## HOW TO COMPLETE THIS TASK:
What lines of the data include the string "inches"? Copy them all.

## PROVIDED RECORDS:
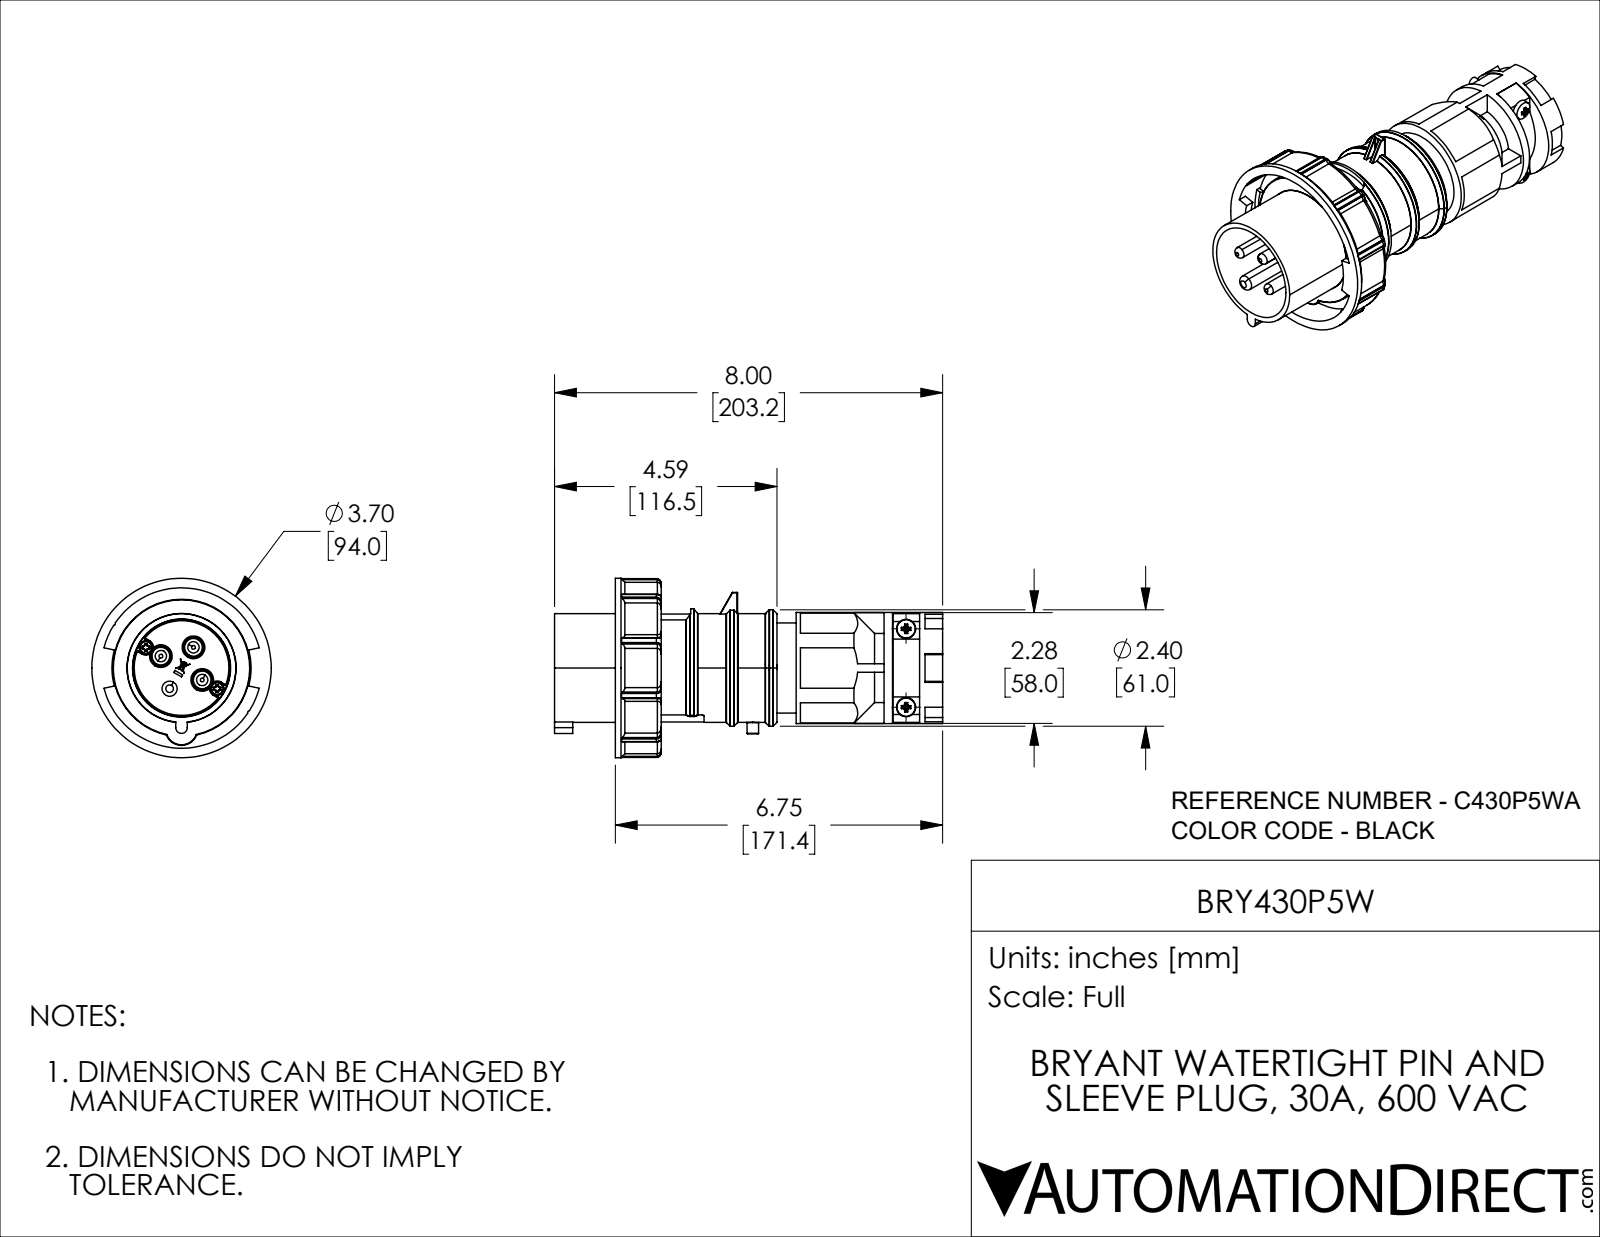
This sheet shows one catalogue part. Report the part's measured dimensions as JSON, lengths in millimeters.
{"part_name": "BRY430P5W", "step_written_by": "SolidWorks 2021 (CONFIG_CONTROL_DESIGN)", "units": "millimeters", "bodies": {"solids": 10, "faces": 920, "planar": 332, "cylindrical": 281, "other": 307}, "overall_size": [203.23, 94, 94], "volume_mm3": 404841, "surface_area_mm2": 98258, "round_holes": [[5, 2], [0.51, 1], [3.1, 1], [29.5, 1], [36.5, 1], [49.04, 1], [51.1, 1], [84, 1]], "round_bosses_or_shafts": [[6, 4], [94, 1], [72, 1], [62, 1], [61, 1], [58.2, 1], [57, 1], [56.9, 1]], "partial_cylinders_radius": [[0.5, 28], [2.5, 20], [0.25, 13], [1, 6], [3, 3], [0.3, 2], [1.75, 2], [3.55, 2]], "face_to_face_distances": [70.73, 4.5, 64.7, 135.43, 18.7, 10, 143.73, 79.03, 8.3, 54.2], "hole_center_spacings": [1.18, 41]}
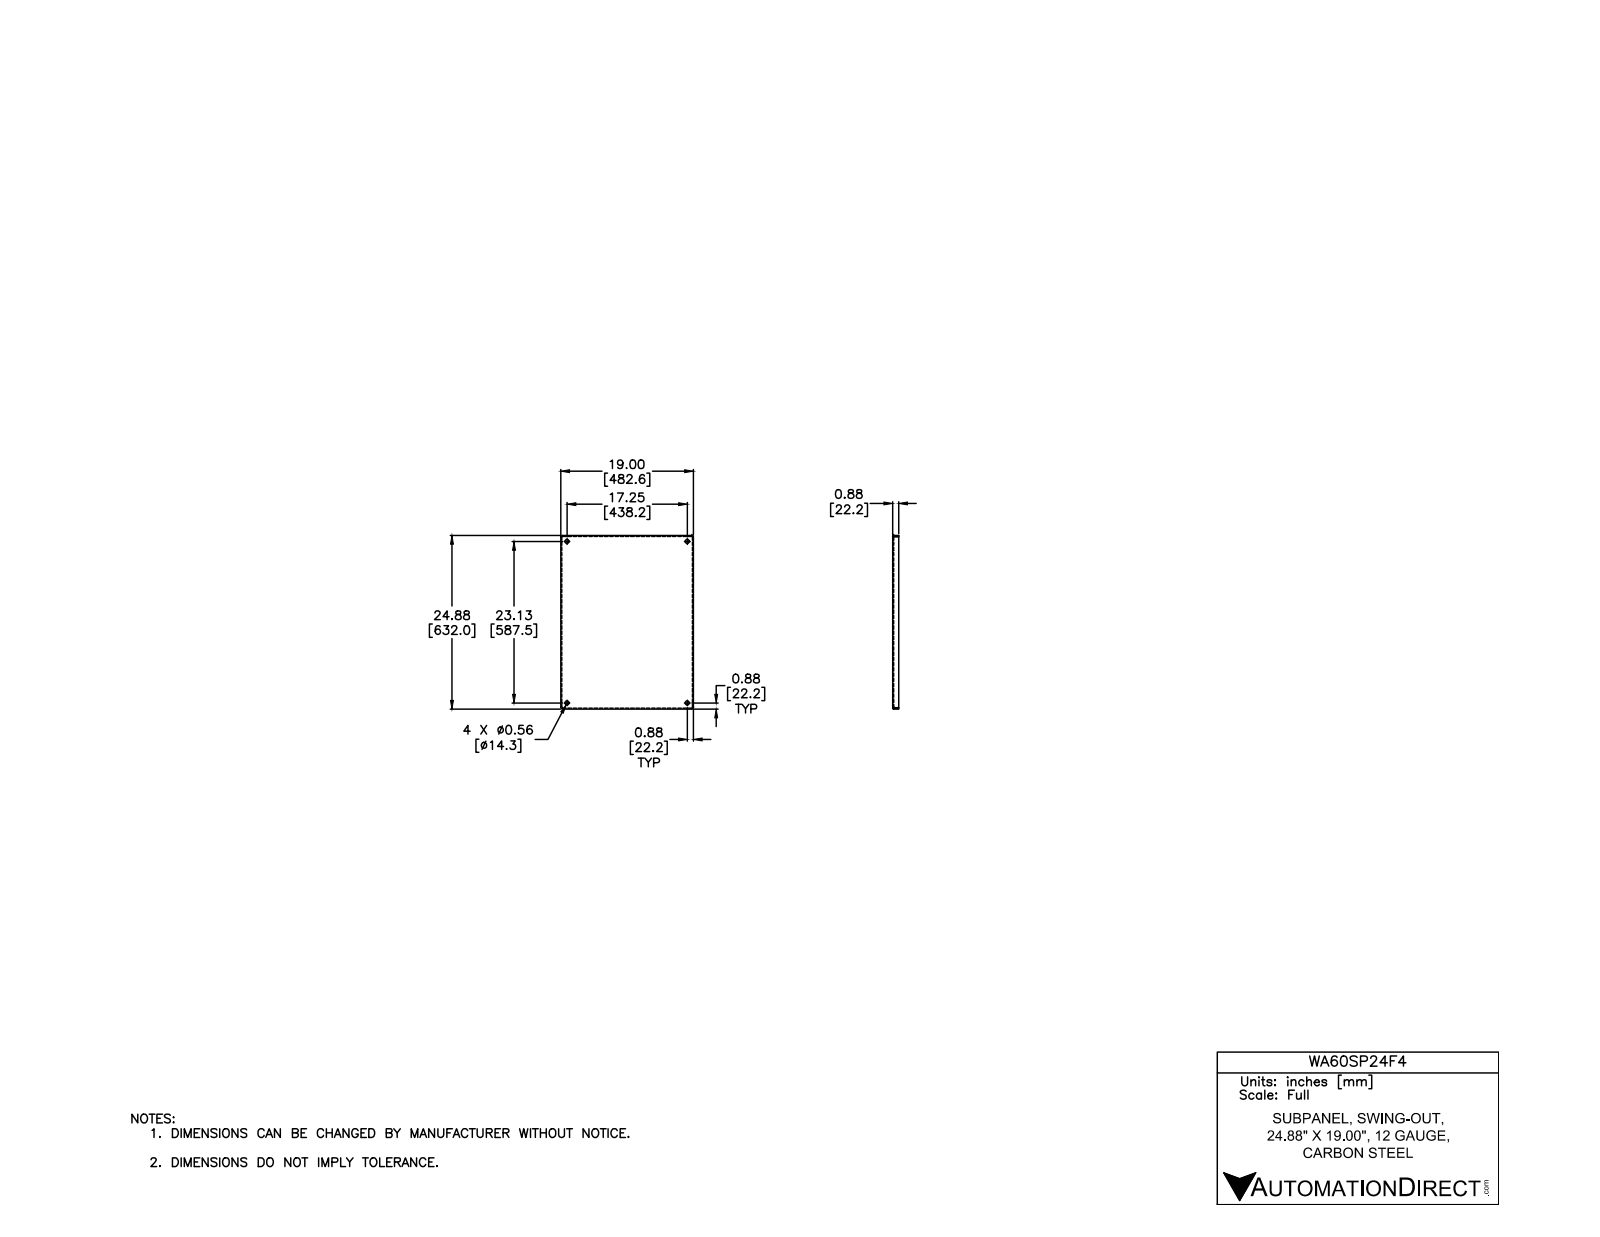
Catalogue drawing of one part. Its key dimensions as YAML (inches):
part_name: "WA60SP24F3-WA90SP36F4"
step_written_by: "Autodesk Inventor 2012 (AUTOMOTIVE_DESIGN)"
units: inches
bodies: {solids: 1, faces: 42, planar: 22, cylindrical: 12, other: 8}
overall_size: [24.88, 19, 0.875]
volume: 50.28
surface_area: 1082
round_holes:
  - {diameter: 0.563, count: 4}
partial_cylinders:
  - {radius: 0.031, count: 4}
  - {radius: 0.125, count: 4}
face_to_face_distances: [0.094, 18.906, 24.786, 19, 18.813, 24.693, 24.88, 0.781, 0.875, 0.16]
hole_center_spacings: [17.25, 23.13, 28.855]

## RESPONSE TO THE EXERCISE:
Catalogue drawing of one part. Its key dimensions as YAML (inches):
units: inches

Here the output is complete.